# Messen der Wärmeabgabe eines PCs in °Celsius



## daywalkertp (22. Januar 2004)

Hallo Leute,

ich hab da ein kleines Problem. Wie kann ich die Wärmeabgabe meines Rechners messen ohne irgenwelche Temperatursensoren in das Gehäuse zu bauen oder so. Oder kann man eigentlich Watt in Celsius umrechnen?

Need Help


Danke!


----------



## Tim C. (22. Januar 2004)

> _Original geschrieben von daywalkertp _
> *Hallo Leute,
> 
> ich hab da ein kleines Problem. Wie kann ich die Wärmeabgabe meines Rechners messen ohne irgenwelche Temperatursensoren in das Gehäuse zu bauen oder so. *


In der Regel sitzen auf jedem neueren Mainboard bereits 2 Sensoren (einer für das System und einer für die CPU, die man nur mit entsprechender Software auslesen muss.



> *
> Oder kann man eigentlich Watt in Celsius umrechnen?
> *


*ouch* die Schmerzen, diese unglaublichen Schmerzen


----------



## daywalkertp (22. Januar 2004)

*Re: Re: Messen der Wärmeabgabe eines PCs in °Celsius*



> _Original geschrieben von Tim Comanns _
> **ouch* die Schmerzen, diese unglaublichen Schmerzen   *



is wohl nicht jeder so klug wie du... erlär lieber was so dumm daran ist

EDIT:
Ich meine es wird ja eine gewisse Wärme vom Verbraucher abgegeben (das die Elektronen beim Transport vom - zum + Pol heiß werden un das ja der eigendliche Sinn der Elektrizität ist, is mir auch klar )

und wie heisst die Software? weisst du das zufällig?


----------



## Tim C. (22. Januar 2004)

*Re: Re: Re: Messen der Wärmeabgabe eines PCs in °Celsius*



> _Original geschrieben von daywalkertp _
> *is wohl nicht jeder so klug wie du... erlär lieber was so dumm daran ist *


Sorry das war nicht böse gemeint, wirklich nicht. 
Also:
Die Einheit Watt hat etwas mit elektrischer Leistung zu tun und errechnet sich, im einfachsten Fall, aus dem Produkt von Spannung und Stromstärke.
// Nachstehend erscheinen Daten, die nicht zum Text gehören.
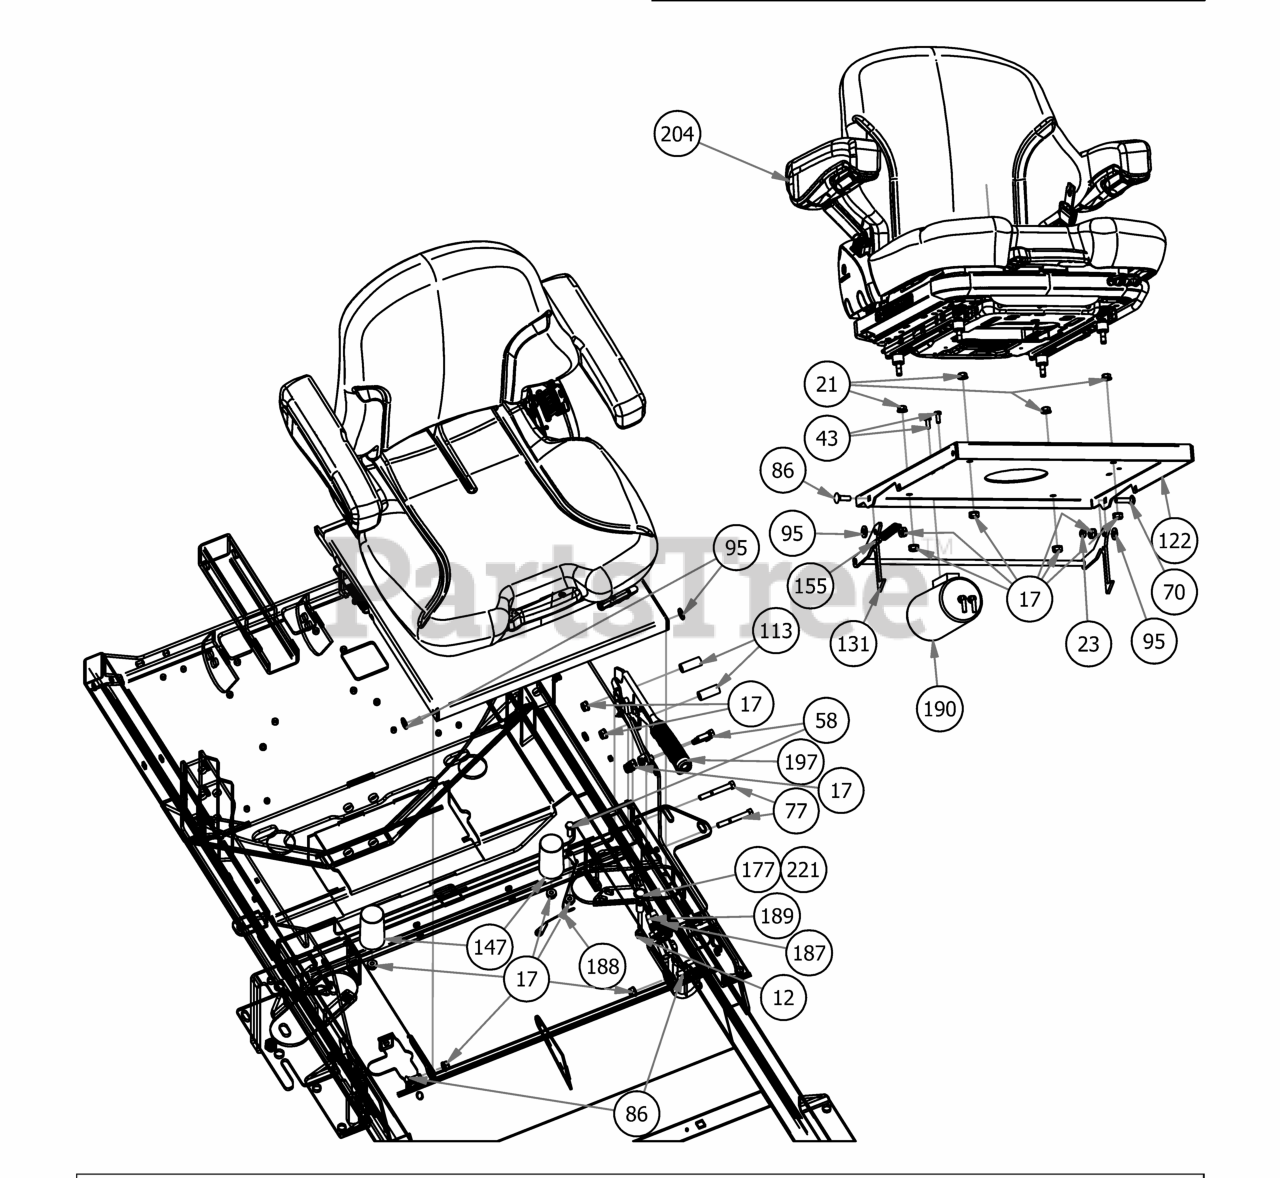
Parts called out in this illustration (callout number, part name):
12	3/8" Fine Threaded Jam Nut
17	5/16-18 Nylon Flange Nut
21	5/16" Flange Nut
23	5/16-18 Nylock Jam Nut 1/2 Nut
43	M6-1.0 X 16MM Hex Bolt
58	5/16" x 1" Bolt
70	5/16" x 1 1/4" Carriage Bolt
77	5/16" x 2 1/2" Bolt
86	5/16" x 1" Carriage Bolt
95	.360 ID Plastic Washer
113	2019 Outlaw Brake Handle Spacer .625 x 1.5
122	2019 Outlaw Seat Plate
131	Seat Latch Rod Assembly
147	2019 Bad Boy X Cylindrical Seat Mount
155	Brake Spring
177	Choke for 36Hp Vanguard & FX1000 Kawasaki
187	2019 Short Brake Cable-Suspension Models
188	Seat Cable
189	2019 Long Brake Cable-Renegade, Rogue
190	2019 Outlaw EPA Cannister Assembly
197	2019 Brake Handle Assembly
203	2019 Horizontal Gas Frame
204	2019 Renegade Seat
221	Code Indicator Light

Diese kannst du jedoch nicht einfach in eine Temperatur umrechnen, da die aus der Leistung resultierende Temperatur von etlichen anderen Komponenten abhängig ist, wie z.B. der Material, welches da gerade warm wird, der Oberfläche dieses Materials und und und.

So haben z.B. aktuelle HighEnd CPUs eine Wärmeverlustleistung von 70-90 Watt. Vergleicht man dies mit den 500-1500 Watt, die ein Staubsauger "zieht", müsste man sich bei einer immer anwendbaren 1zu1 Umrechnungsformel Watt->Celsius fragen, warum die CPU ohne "aufwändige" Lüftung sofort durchbrennt und der Staubsauger nicht 
Ganz einfach, bei der CPU kommen die 70-90 Watt auf eine im Vergleich zur Leistung wahnsinnig kleine Fläche, die von ihrer Architektur her nicht so gebaut ist, dass sie ohne zusätzliche Kühlung auskommt.

Ich hoffe jetzt ist klar, warum man nicht aus einer einfachen Watt Zahl, ohne weitere Informationen eine Temperatur machen kann, da zudem die Wärmeverlustleistung der CPU auch noch jeh nach Beanspruchung schwankt.

Also entweder hat dein Board eingebaute Sensoren, oder du hängst welche rein. Aber auf mathematischer/physikalischer Ebene würde ich erst gar nicht probieren das zu lösen


----------



## daywalkertp (22. Januar 2004)

OK, ich weiss nun das ich im BIOS sehen kenn welche Temperatur mein CPU und System hat. Ich muss jetzt aber wissen wieviel Wärme der Computer (von außen) ab gibt...


----------



## chibisuke (22. Januar 2004)

Also


> Oder kann man eigentlich Watt in Celsius umrechnen?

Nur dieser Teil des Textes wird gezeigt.